- [Task item] Extract the opening line of the entries and every line after it, stopping at and including the line that contains "msp = doc.modelspace()". Do not include pictures.

- [Data records]
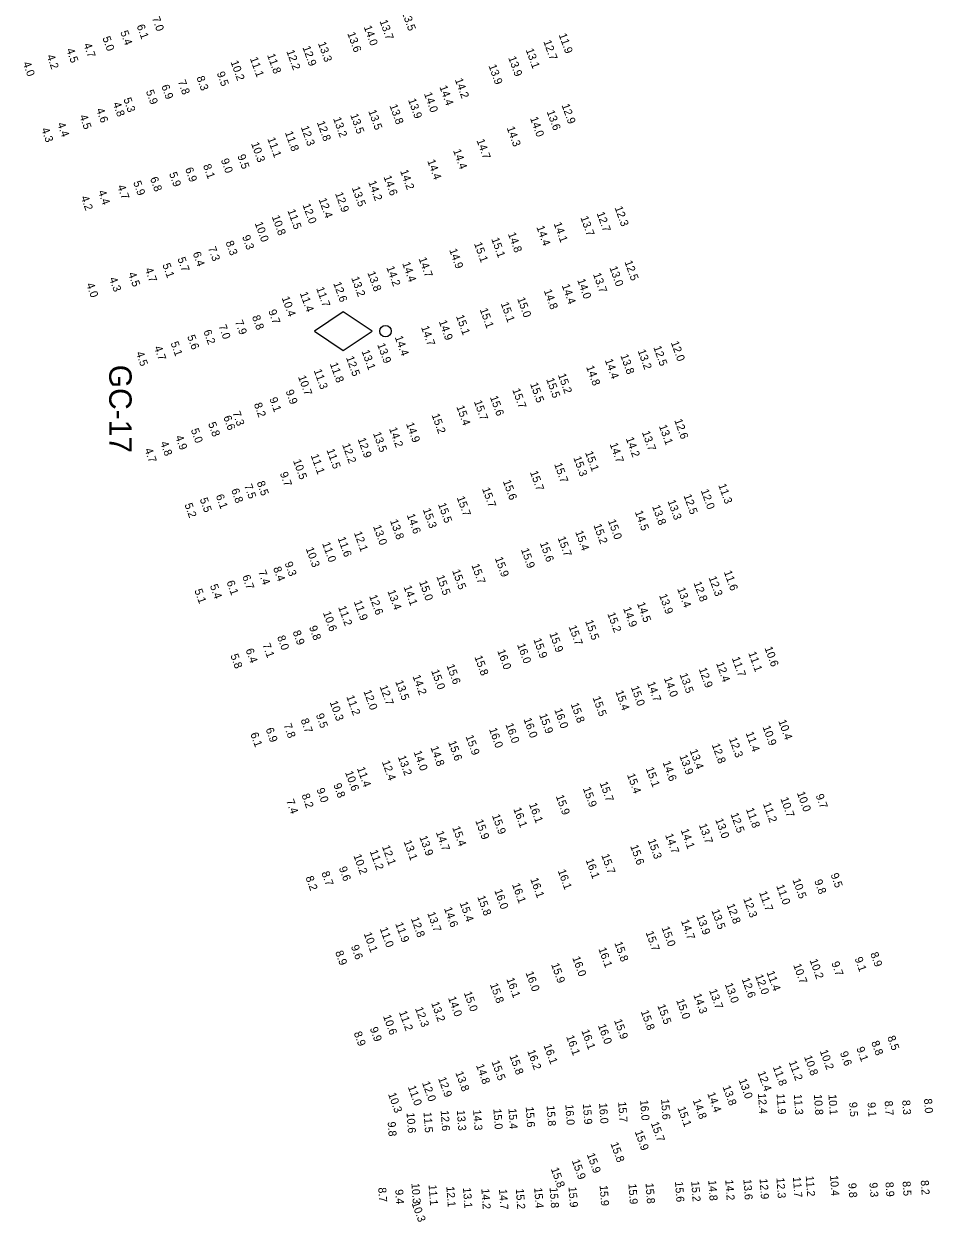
# Model space of a CAD drawing. Extents: x 815385 to 820851, y 582449 to 604245.
# Drawn here: x 820211 to 820779, y 590963 to 591711 of the extents above; entities that cross this region are included whole.
import ezdxf

# ---------------------------------------------------------------- set-up
doc = ezdxf.new("R2010")
doc.units = 0
for name, color, linetype in [('V-CHAN-AIDS', 7, 'Continuous'), ('V-TOPO-SOUN-021309', 7, 'Continuous'), ('V-TOPO-SOUN-112008', 7, 'Continuous'), ('V-TOPO-SOUN-EXCSS', 7, 'Continuous')]:
    doc.layers.add(name, color=color, linetype=linetype)

msp = doc.modelspace()

# ---------------------------------------------------------------- linework, layer by layer
at = {"layer": 'V-CHAN-AIDS'}
msp.add_lwpolyline([(820428.13, 591519.27), (820410.13, 591531.27), (820392.13, 591519.27), (820410.13, 591507.27)], close=True, dxfattribs=at)
msp.add_circle((820436.53, 591519.27), 3.6, dxfattribs=at)

# ---------------------------------------------------------------- texts
msp.add_text('GC-17', height=14, rotation=270, dxfattribs=at).set_placement((820263.84, 591498.29))
at = {"layer": 'V-TOPO-SOUN-021309'}
for s, rotation, p in [('12.0 ', 289.902, (820614.81, 591512.17)), ('13.8 ', 289.902, (820583.24, 591504.04)), ('13.2 ', 289.902, (820594.08, 591507.01)), ('12.5 ', 289.902, (820603.84, 591509.24)), ('14.8 ', 289.902, (820561.86, 591496.92)), ('14.4 ', 289.902, (820573.54, 591501.13)), ('15.5 ', 289.902, (820536.88, 591489.21)), ('15.2 ', 289.902, (820544.23, 591491.95)), ('15.7 ', 289.902, (820515.7, 591482.65)), ('15.5 ', 289.902, (820526.8, 591486.31)), ('15.7 ', 289.902, (820491.72, 591475.26)), ('15.6 ', 289.902, (820501.73, 591478.04)), ('15.2 ', 289.902, (820465.28, 591466.89)), ('15.4 ', 289.902, (820480.77, 591472.03)), ('14.9 ', 289.902, (820449.3, 591461.4)), ('13.1 ', 289.902, (820607.38, 591459.95)), ('12.6 ', 289.902, (820616.96, 591463.57)), ('12.9 ', 289.902, (820419.06, 591451.8)), ('13.5 ', 289.902, (820428.66, 591455.39)), ('14.2 ', 289.902, (820438.68, 591458.34)), ('14.2 ', 289.902, (820586.66, 591452.22)), ('13.7 ', 289.902, (820596.73, 591456.09)), ('11.5 ', 289.902, (820399.59, 591444.97)), ('12.2 ', 289.902, (820409.36, 591448.31)), ('14.7 ', 289.902, (820576.6, 591448.68)), ('10.5 ', 289.902, (820378.66, 591438.31)), ('11.1 ', 289.902, (820389.7, 591441.61)), ('15.3 ', 289.902, (820553.86, 591440.22)), ('15.1 ', 289.902, (820561.19, 591443.41)), ('9.7', 289.902, (820370.41, 591430.4)), ('15.7 ', 289.902, (820526.75, 591431.15)), ('15.7 ', 289.902, (820541.86, 591436.16)), ('7.5', 289.902, (820348.12, 591422.78)), ('8.5', 289.902, (820355.98, 591424.68)), ('15.6 ', 289.902, (820509.83, 591425.46)), ('11.3 ', 289.902, (820644.45, 591423.09)), ('5.5', 289.902, (820320.34, 591414.25)), ('6.1', 289.902, (820330.36, 591416.43)), ('6.8', 289.902, (820339.95, 591420.05)), ('15.7 ', 289.902, (820480.99, 591415.29)), ('15.7 ', 289.902, (820496.81, 591420.78)), ('12.5 ', 289.902, (820622.75, 591416.52)), ('12.0 ', 289.902, (820633.52, 591419.66)), ('5.2', 289.902, (820310.81, 591410.89)), ('15.3 ', 289.902, (820459.77, 591407.77)), ('15.5 ', 289.902, (820469.28, 591411.11)), ('14.5 ', 289.902, (820592.34, 591406.28)), ('13.8 ', 289.902, (820603.09, 591409.78)), ('13.3 ', 289.902, (820612.76, 591413.04)), ('13.8 ', 289.902, (820439.26, 591400.79)), ('14.6 ', 289.902, (820449.76, 591404.34)), ('15.0 ', 289.902, (820575.49, 591400.81)), ('12.1 ', 289.902, (820416.71, 591393.27)), ('13.0 ', 289.902, (820428.7, 591397.25)), ('15.4 ', 289.902, (820555.04, 591393.8)), ('15.2 ', 289.902, (820566.46, 591398)), ('11.0 ', 289.902, (820396.84, 591386.62)), ('11.6 ', 289.902, (820406.54, 591389.9)), ('15.6 ', 289.902, (820532.93, 591386.81)), ('15.7 ', 289.902, (820544.05, 591390.1)), ('10.3 ', 289.902, (820386.6, 591383.39)), ('15.9 ', 289.902, (820504.81, 591377.37)), ('15.9 ', 289.902, (820521.1, 591382.79)), ('7.4', 289.902, (820356.87, 591368.94)), ('8.4', 289.902, (820366.21, 591371.16)), ('9.3', 289.902, (820373.37, 591374.32)), ('15.5 ', 289.902, (820478.1, 591369.54)), ('15.7 ', 289.902, (820490.17, 591373.01)), ('11.6 ', 289.902, (820647.94, 591368.83)), ('6.1', 289.902, (820337.06, 591362.53)), ('6.7', 289.902, (820346.86, 591366.02)), ('15.0 ', 289.902, (820457.42, 591362.57)), ('15.5 ', 289.902, (820468.28, 591365.99)), ('12.8 ', 289.902, (820628.99, 591361.93)), ('12.3 ', 289.902, (820638.41, 591365.29)), ('5.1', 289.902, (820316.98, 591357.3)), ('5.4', 289.902, (820326.69, 591360.21)), ('13.4 ', 289.902, (820437.67, 591356.79)), ('14.1 ', 289.902, (820447.76, 591359.48)), ('13.9 ', 289.902, (820607.47, 591354.19)), ('13.4 ', 289.902, (820618.8, 591358.24)), ('11.2 ', 289.902, (820406.87, 591346.76)), ('11.9 ', 289.902, (820416.63, 591350.17)), ('12.6 ', 289.902, (820426.23, 591353.68)), ('14.5 ', 289.902, (820593.67, 591349.05)), ('10.6 ', 289.902, (820397.35, 591343.34)), ('15.2 ', 289.902, (820575.11, 591342.73)), ('14.9 ', 289.902, (820584.96, 591346.04)), ('8.9', 289.902, (820378.42, 591331.33)), ('9.8', 289.902, (820388.67, 591334.32)), ('15.7 ', 289.902, (820550.93, 591334.6)), ('15.5 ', 289.902, (820561.25, 591337.98)), ('7.1', 289.902, (820359.52, 591323.38)), ('8.0', 289.902, (820368.7, 591328.16)), ('15.9 ', 289.902, (820528.88, 591326.55)), ('15.9 ', 289.902, (820538.83, 591330.29)), ('5.8', 289.902, (820339.49, 591316.66)), ('6.4', 289.902, (820348.99, 591320.09)), ('16.0 ', 289.902, (820506.32, 591319.51)), ('16.0 ', 289.902, (820518.72, 591323.28)), ('11.1 ', 289.902, (820663.22, 591318.15)), ('10.6 ', 289.902, (820673.37, 591321.32)), ('15.6 ', 289.902, (820474.59, 591310.29)), ('15.8 ', 289.902, (820492.03, 591315.72)), ('12.4 ', 289.902, (820643.08, 591311.72)), ('11.7 ', 289.902, (820652.93, 591314.93)), ('14.2 ', 289.902, (820453.36, 591303.6)), ('15.0 ', 289.902, (820464.98, 591306.99)), ('14.0 ', 289.902, (820610.48, 591302.34)), ('13.5 ', 289.902, (820620.25, 591304.74)), ('12.9 ', 289.902, (820632.26, 591308.13)), ('12.0 ', 289.902, (820422.67, 591294.24)), ('12.7 ', 289.902, (820432.78, 591297.15)), ('13.5 ', 289.902, (820442.54, 591300.28)), ('15.4 ', 289.902, (820580.17, 591293.96)), ('15.0 ', 289.902, (820589.84, 591296.76)), ('14.7 ', 289.902, (820599.96, 591299.39)), ('10.3 ', 289.902, (820401.56, 591287.41)), ('11.2 ', 289.902, (820411.96, 591290.89)), ('15.5 ', 289.902, (820565.91, 591290.23)), ('9.5', 289.902, (820392.93, 591279.44)), ('15.9 ', 289.902, (820532.5, 591279.43)), ('16.0 ', 289.902, (820541.96, 591282.68)), ('15.8 ', 289.902, (820552.22, 591286.21)), ('7.8', 289.902, (820372.74, 591273.19)), ('8.7', 289.902, (820383.42, 591276.33)), ('16.0 ', 289.902, (820511.4, 591273.47)), ('16.0 ', 289.902, (820522.71, 591276.78)), ('10.9 ', 289.902, (820672.13, 591271.94)), ('10.4 ', 289.902, (820681.98, 591275.63)), ('6.1', 289.902, (820351.95, 591267.61)), ('6.9', 289.902, (820361.52, 591270.58)), ('15.9 ', 289.902, (820486.5, 591266.03)), ('16.0 ', 289.902, (820501.15, 591270.52)), ('12.3 ', 289.902, (820651.15, 591264.51)), ('11.4 ', 289.902, (820661.59, 591268.13)), ('14.8 ', 289.902, (820464.55, 591259.11)), ('15.6 ', 289.902, (820475.6, 591262.47)), ('13.4 ', 289.902, (820626.55, 591257.2)), ('12.8 ', 289.902, (820640.4, 591260.77)), ('12.4 ', 289.902, (820434.17, 591250.17)), ('13.2 ', 289.902, (820444.21, 591253.21)), ('14.0 ', 289.902, (820454.03, 591256.25)), ('14.6 ', 289.902, (820609.67, 591249.75)), ('13.9 ', 289.902, (820620.17, 591253.77)), ('10.6 ', 289.902, (820411.17, 591243.58)), ('11.4 ', 289.902, (820418.61, 591246.09)), ('15.4 ', 289.902, (820587.43, 591242.03)), ('15.1 ', 289.902, (820599.15, 591246.02)), ('9.8', 289.902, (820403.85, 591235.83)), ('15.7 ', 289.902, (820570.31, 591236.89)), ('8.2', 289.902, (820383.98, 591229.37)), ('9.0', 289.902, (820393.34, 591232.89)), ('15.9 ', 289.902, (820542.93, 591228.65)), ('15.9 ', 289.902, (820559.81, 591233.55)), ('10.7 ', 289.902, (820683.29, 591227.14)), ('10.0 ', 289.902, (820693.62, 591230.68)), ('9.7', 289.902, (820705.31, 591229.14)), ('7.4', 289.902, (820374.36, 591225.83)), ('16.1 ', 289.902, (820516.33, 591220.72)), ('16.1 ', 289.902, (820526.13, 591223.64)), ('11.8 ', 289.902, (820661.76, 591220.52)), ('11.2 ', 289.902, (820672.39, 591223.89)), ('15.9 ', 289.902, (820492.58, 591213.33)), ('15.9 ', 289.902, (820502.98, 591216.56)), ('13.0 ', 289.902, (820642.58, 591213.96)), ('12.5 ', 289.902, (820652.09, 591217.46)), ('14.7 ', 289.902, (820467.93, 591206.09)), ('15.4 ', 289.902, (820478.16, 591209.07)), ('14.7 ', 289.902, (820611.23, 591204.42)), ('14.1 ', 289.902, (820620.98, 591207.47)), ('13.7 ', 289.902, (820632.33, 591210.65)), ('12.1 ', 289.902, (820434.25, 591197.15)), ('13.1 ', 289.902, (820447.75, 591200.28)), ('13.9 ', 289.902, (820457.64, 591203.09)), ('15.6 ', 289.902, (820589.42, 591197.43)), ('15.3 ', 289.902, (820600.38, 591201.12)), ('10.2 ', 289.902, (820416.4, 591191.54)), ('11.2 ', 289.902, (820426.59, 591194.24)), ('15.7 ', 289.902, (820571.33, 591191.75)), ('9.6', 289.902, (820407.3, 591183.79)), ('16.1 ', 289.902, (820544.12, 591182.07)), ('16.1 ', 289.902, (820561.57, 591188.81)), ('8.2', 289.902, (820386.48, 591177.89)), ('8.7', 289.902, (820396.39, 591180.79)), ('16.1 ', 289.902, (820526.94, 591176.82)), ('10.5 ', 289.902, (820690.85, 591176.34)), ('9.8', 289.902, (820704.45, 591175.69)), ('9.5', 289.902, (820714.68, 591179.65)), ('16.0 ', 289.902, (820504.47, 591169.72)), ('16.1 ', 289.902, (820515.54, 591173.49)), ('11.7 ', 289.902, (820669.96, 591168.47)), ('11.0 ', 289.902, (820680.69, 591172.55)), ('15.4 ', 289.902, (820482.79, 591161.91)), ('15.8 ', 289.902, (820493.81, 591165.71)), ('12.8 ', 289.902, (820649.71, 591160.64)), ('12.3 ', 289.902, (820660.07, 591164.51)), ('12.8 ', 289.902, (820452.33, 591152.18)), ('13.7 ', 289.902, (820462.56, 591155.52)), ('14.6 ', 289.902, (820473.03, 591158.49)), ('13.9 ', 289.902, (820630.76, 591153.73)), ('13.5 ', 289.902, (820640.21, 591157.14)), ('11.0 ', 289.902, (820432.86, 591145.92)), ('11.9 ', 289.902, (820442.53, 591149)), ('15.0 ', 289.902, (820609.01, 591146.41)), ('14.7 ', 289.902, (820621.13, 591150.67)), ('10.1 ', 289.902, (820422.83, 591142.77)), ('15.8 ', 289.902, (820579.52, 591136.93)), ('15.7 ', 289.902, (820599.05, 591143.51)), ('8.9', 289.902, (820404.98, 591131.23)), ('9.6', 289.902, (820414.83, 591134.81)), ('16.1 ', 289.902, (820569.5, 591133.28)), ('8.9', 289.902, (820739.45, 591130.26)), ('15.9 ', 289.902, (820539.96, 591123.55)), ('16.0 ', 289.902, (820553.2, 591127.7)), ('10.7 ', 289.902, (820691.31, 591123.14)), ('10.2 ', 289.902, (820701.55, 591126.12)), ('9.7', 289.902, (820715.13, 591124.45)), ('9.1', 289.902, (820729.66, 591127.27)), ('16.1 ', 289.902, (820512.01, 591114.4)), ('16.0 ', 289.902, (820524, 591118.33)), ('12.6 ', 289.902, (820659.09, 591114.31)), ('12.0 ', 289.902, (820667.49, 591116.41)), ('11.4 ', 289.902, (820674.63, 591118.62)), ('15.8 ', 289.902, (820501.71, 591111)), ('13.7 ', 289.902, (820638.7, 591107.31)), ('13.0 ', 289.902, (820648.55, 591111.12)), ('13.2 ', 289.902, (820464.99, 591099.34)), ('14.0 ', 289.902, (820475.55, 591102.64)), ('15.0 ', 289.902, (820485.38, 591105.78)), ('15.0 ', 289.902, (820618.15, 591101.08)), ('14.3 ', 289.902, (820628.87, 591104.46)), ('11.2 ', 289.902, (820444.84, 591093.72)), ('12.3 ', 289.902, (820454.91, 591096.09)), ('15.8 ', 289.902, (820596.02, 591094.08)), ('15.5 ', 289.902, (820606.38, 591097.79)), ('10.6 ', 289.902, (820434.91, 591091.22)), ('16.0 ', 289.902, (820569.23, 591085.4)), ('15.9 ', 289.902, (820579.3, 591088.53)), ('8.9', 289.902, (820416.62, 591080.69)), ('9.9', 289.902, (820426.66, 591083.5)), ('16.1 ', 289.902, (820549.37, 591078.42)), ('16.1 ', 289.902, (820558.91, 591082.06)), ('8.5', 289.902, (820750.08, 591078.06)), ('16.2 ', 289.902, (820525.05, 591069.35)), ('16.1 ', 289.902, (820535.27, 591072.96)), ('10.2 ', 289.902, (820707.91, 591069.37)), ('9.1', 289.902, (820730.77, 591071.13)), ('8.8', 289.902, (820740.05, 591074.89)), ('15.5 ', 289.902, (820502.7, 591062.69)), ('15.8 ', 289.902, (820513.95, 591066.32)), ('11.2 ', 289.902, (820688.48, 591062.57)), ('10.8 ', 289.902, (820698.08, 591065.82)), ('9.6', 289.902, (820720.49, 591068.31)), ('13.8 ', 289.902, (820480.11, 591055.87)), ('14.8 ', 289.902, (820493.05, 591060.45)), ('12.4 ', 289.902, (820669, 591055.95)), ('11.8 ', 289.902, (820678.58, 591059.4)), ('11.0 ', 289.902, (820450.44, 591046.98)), ('12.0 ', 289.902, (820459.27, 591049.58)), ('12.9 ', 289.902, (820469.34, 591052.29)), ('13.8 ', 289.902, (820647.15, 591047.02)), ('13.0 ', 289.902, (820657.19, 591051.29)), ('10.3 ', 289.902, (820438.06, 591042.51)), ('14.4 ', 289.902, (820637.58, 591042.81)), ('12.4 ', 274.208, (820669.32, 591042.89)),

- [Written solution]
# Model space of a CAD drawing. Extents: x 815385 to 820851, y 582449 to 604245.
# Drawn here: x 820211 to 820779, y 590963 to 591711 of the extents above; entities that cross this region are included whole.
import ezdxf

# ---------------------------------------------------------------- set-up
doc = ezdxf.new("R2010")
doc.units = 0
for name, color, linetype in [('V-CHAN-AIDS', 7, 'Continuous'), ('V-TOPO-SOUN-021309', 7, 'Continuous'), ('V-TOPO-SOUN-112008', 7, 'Continuous'), ('V-TOPO-SOUN-EXCSS', 7, 'Continuous')]:
    doc.layers.add(name, color=color, linetype=linetype)

msp = doc.modelspace()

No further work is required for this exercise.